I'm hoping to find out today when construction starts, guessing Friday or Monday.  I was told construction should take three to four days.  I can schedule the electrician once the building is dried in.  The concrete slab may take a while to pour, I don't want the concrete truck driving over my septic line so the guys will need to shuttle the concrete.  I'm expecting a lot of spillage during this process.  It looks like the temperatures will be in the 40's during the day for the concrete curing.  Vendor says he has blankets to cover the slab so I'm not real concerned.

I'll post the progress as things get done.  Starting to get excited.


Sent from my iPad using Tapatalk


----------



## John1961 (Jan 8, 2015)

Used a pick axe to loosen the frozen pile of dirt before I finished filling in the electrical ditch to the house.  Waiting for the excavation work to be done.  Temperatures are in the twenties, brrrrrr.



Sent from my iPad using Tapatalk


----------



## John1961 (Jan 8, 2015)

Gravel arrived before the excavators, truck driver waits with me.  Excavators had a flat tire on the way to my house, only a slight delay.


Sent from my iPad using Tapatalk


----------



## John1961 (Jan 8, 2015)

I forgot to take pictures of the John Deere skid steer.  It was fun watching the operator running about scooping up the sod then placing the gravel exactly where he wanted it.
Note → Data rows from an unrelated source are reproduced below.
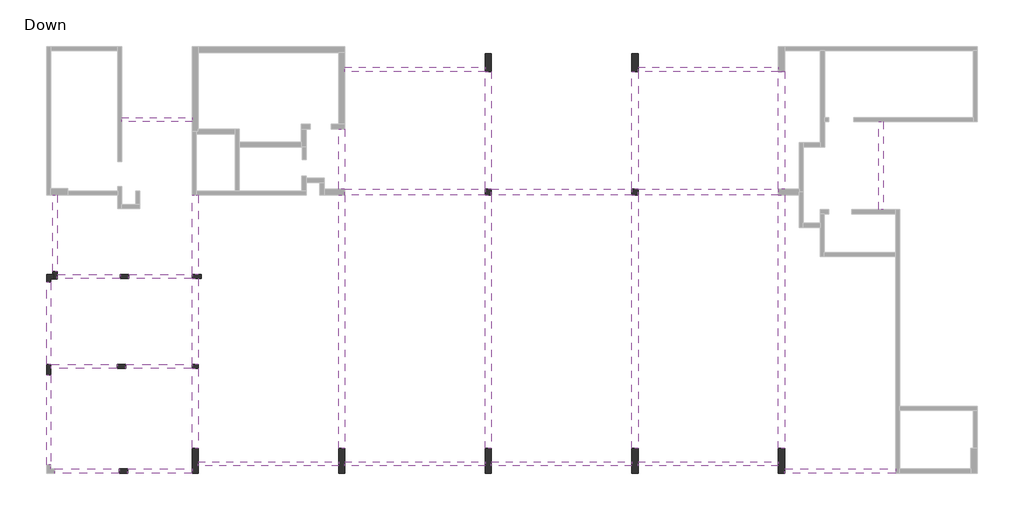
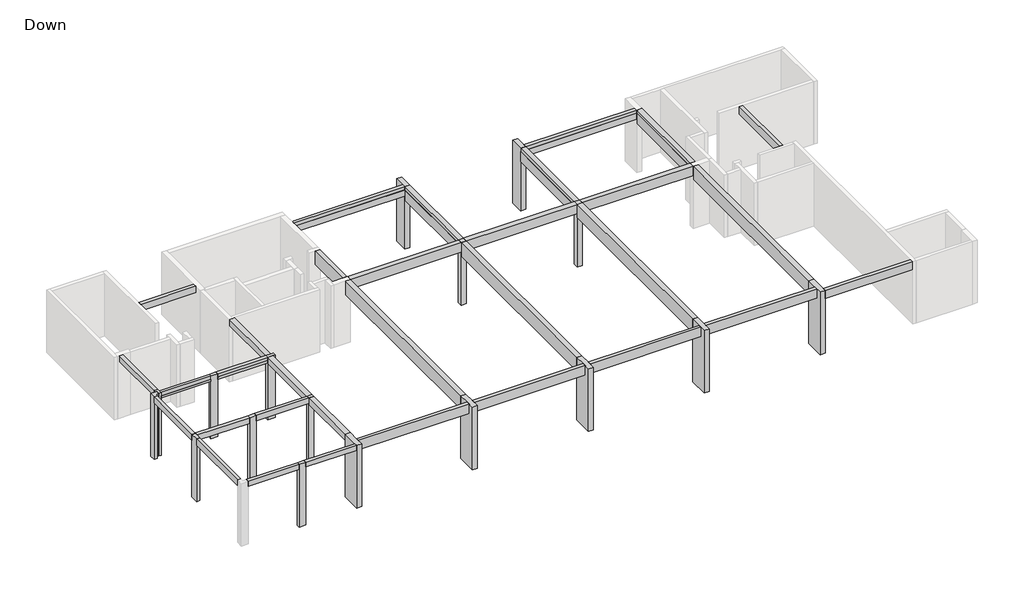
# One storey, part 2 of 2: 32 beams, 17 columns.
"""IFC4 building model written with IfcOpenShell, lengths in millimetres."""

from ifc_helpers import new_model, si_unit, frame, origin, origin_with_axes, place, context, project, spatial, polyline, outline, extrude, faceted_brep, element, save

model = new_model("IFC4")

# Units and contexts
model_context = context("Model", 3, world=origin())
ifc_project = project(units=[si_unit("LENGTHUNIT", "METRE", prefix="MILLI")], contexts=[model_context])

# Site, building, storey
site = spatial("IfcSite", under=ifc_project)
building = spatial("IfcBuilding", under=site)
storey = spatial("IfcBuildingStorey", under=building, Name="Down", Elevation=0.0)

# Beams
placement = place(None, origin())
element("IfcBeam", 1, ObjectType="Concrete Rectengular Beam : 20/30", at=placement, inside=storey, context=model_context, shape_type="Brep", body=[
    faceted_brep([(-13943.2656756, 4006.6682295, 4000.0), (-13943.2656756, 4206.6682295, 4000.0), (-17016.9438365, 4206.6682295, 4000.0), (-17016.9438365, 4006.6682295, 4000.0), (-13943.2656756, 4006.6682295, 3700.0), (-17016.9438365, 4006.6682295, 3700.0), (-13943.2656756, 4206.6682295, 3700.0), (-17016.9438365, 4206.6682295, 3700.0), (-13943.2656756, 4206.6682295, 3790.0)], [[[0, 1, 2, 3]], [[4, 0, 3, 5]], [[6, 4, 5, 7]], [[1, 8, 6, 7, 2]], [[1, 0, 4, 6, 8]], [[3, 2, 7, 5]]]),
])
element("IfcBeam", 2, ObjectType="Concrete Rectengular Beam : 20/30", at=placement, inside=storey, context=model_context, shape_type="SweptSolid", body=[
    extrude(outline(polyline([(-17416.9438365, 4206.6682295), (-17416.9438365, 4006.6682295), (-20492.8250626, 4006.6682295), (-20492.8250626, 4206.6682295), (-17416.9438365, 4206.6682295)])), frame((0.0, 0.0, 3700.0), z_axis=(0.0, 0.0, 1.0), x_axis=(1.0, 0.0, 0.0)), (0.0, 0.0, 1.0), 300.0),
])
element("IfcBeam", 3, ObjectType="Concrete Rectengular Beam : 20/35", at=placement, inside=storey, context=model_context, shape_type="Brep", body=[
    faceted_brep([(-17368.3423039, 13503.9096088, 4000.0), (-20386.1465057, 13503.9096088, 4000.0), (-20386.1465057, 13308.9096088, 4000.0), (-17368.3423039, 13308.9096088, 4000.0), (-20386.1465057, 13303.9096088, 3650.0), (-17368.3423039, 13303.9096088, 3650.0), (-17368.3423039, 13303.9096088, 3790.0), (-20386.1465057, 13303.9096088, 3790.0), (-17368.3423039, 13503.9096088, 3650.0), (-20386.1465057, 13503.9096088, 3650.0), (-20386.1465057, 13503.9096088, 3790.0), (-17368.3423039, 13308.9096088, 3790.0), (-20386.1465057, 13308.9096088, 3790.0)], [[[0, 1, 2, 3]], [[4, 5, 6, 7]], [[8, 5, 4, 9]], [[0, 8, 9, 10, 1]], [[5, 8, 0, 3, 11, 6]], [[9, 4, 7, 12, 2, 1, 10]], [[11, 12, 7, 6]], [[12, 11, 3, 2]]]),
])
element("IfcBeam", 4, ObjectType="Concrete Rectengular Beam : 20/35", at=placement, inside=storey, context=model_context, shape_type="SweptSolid", body=[
    extrude(outline(polyline([(13503.9096088, 3650.0), (13303.9096088, 3650.0), (13303.9096088, 3790.0), (13308.9096088, 3790.0), (13308.9096088, 4000.0), (13503.9096088, 4000.0), (13503.9096088, 3650.0)])), frame((-16968.3423039, 0.0, 0.0), z_axis=(1.0, 0.0, 0.0), x_axis=(0.0, 1.0, 0.0)), (0.0, 0.0, 1.0), 3023.8505747),
])
element("IfcBeam", 5, ObjectType="Concrete Rectengular Beam : 20/35", at=placement, inside=storey, context=model_context, shape_type="Brep", body=[
    faceted_brep([(-20586.1465057, 13648.5145478, 4000.0), (-20386.1465057, 13648.5145478, 4000.0), (-20386.1465057, 17305.3655475, 4000.0), (-20586.1465057, 17305.3655475, 4000.0), (-20386.1465057, 13648.5145478, 3650.0), (-20386.1465057, 17305.3655475, 3650.0), (-20386.1465057, 17305.3655475, 3790.0), (-20586.1465057, 13648.5145478, 3650.0), (-20586.1465057, 17305.3655475, 3650.0)], [[[0, 1, 2, 3]], [[1, 4, 5, 6, 2]], [[4, 7, 8, 5]], [[7, 0, 3, 8]], [[1, 0, 7, 4]], [[3, 2, 6, 5, 8]]]),
])
element("IfcBeam", 6, ObjectType="Concrete Rectengular Beam : 20/35", at=placement, inside=storey, context=model_context, shape_type="SweptSolid", body=[
    extrude(outline(polyline([(-20678.0944112, 9006.6873866), (-20678.0944112, 9206.6873866), (-17516.5223806, 9206.6873866), (-17516.5223806, 9006.6873866), (-20678.0944112, 9006.6873866)])), frame((0.0, 0.0, 3650.0), z_axis=(0.0, 0.0, 1.0), x_axis=(1.0, 0.0, 0.0)), (0.0, 0.0, 1.0), 350.0),
])
element("IfcBeam", 7, ObjectType="Concrete Rectengular Beam : 20/35", at=placement, inside=storey, context=model_context, shape_type="Brep", body=[
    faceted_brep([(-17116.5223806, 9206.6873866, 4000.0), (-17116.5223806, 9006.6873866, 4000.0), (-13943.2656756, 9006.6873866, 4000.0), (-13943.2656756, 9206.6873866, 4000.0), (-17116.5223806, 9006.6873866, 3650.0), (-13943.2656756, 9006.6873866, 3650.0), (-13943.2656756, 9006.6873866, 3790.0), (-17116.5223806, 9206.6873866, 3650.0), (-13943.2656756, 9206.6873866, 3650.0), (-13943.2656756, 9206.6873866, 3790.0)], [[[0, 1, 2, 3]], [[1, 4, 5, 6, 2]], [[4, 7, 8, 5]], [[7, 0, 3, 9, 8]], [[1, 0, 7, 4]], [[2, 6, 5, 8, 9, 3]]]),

Wish I could have helped, but it would have taken too long for me to learn the ropes.
He had three helpers (his sons) raking the gravel and keeping the water line & electrical line out of his way. Took less than three hours. This work was done on Tuesday. More to come...


Sent from my iPad using Tapatalk


----------



## John1961 (Jan 8, 2015)

The port-o-pot guy drove by twice without stopping (silly GPS).  He sat at the corner about 500 feet from the house making calls for directions. Why he didn't call me, who knows, probably didn't have my number.  Wasn't long before the delivery truck showed up to lead him to the house.


Sent from my iPad using Tapatalk


----------



## John1961 (Jan 8, 2015)

Truck is here with the goods.  Took two hours to unload it. The salesman even showed up to help unload. Froze our butts off.  Temperatures in the low teens with 10 mph winds.


Sent from my iPad using Tapatalk


----------



## John1961 (Jan 8, 2015)

All done! Load up & head out.


Sent from my iPad using Tapatalk


----------



## John1961 (Jan 8, 2015)

Exciting time, the assembly crew is scheduled to be here on Monday. 


Sent from my iPad using Tapatalk


----------



## Scruffy (Jan 22, 2015)

Nice building!!!
I live about 15 miles from Morton buildings in Kenton.  At least the trucks look like Mortons?
Crossed the old silver bridge,  rode the ferry quite a few times after the bridge collapse, and crossed the new bridge hundreds of times.delivered a lot of new vechles to w.va. And va.

Keep posting pics
Scruffy


----------



## jeep534 (Jan 26, 2015)

it is looking good. I do not live very far away (near Huntington WV)  I will be jeeping an eye on your progress. 

Happy Hunting
archie


----------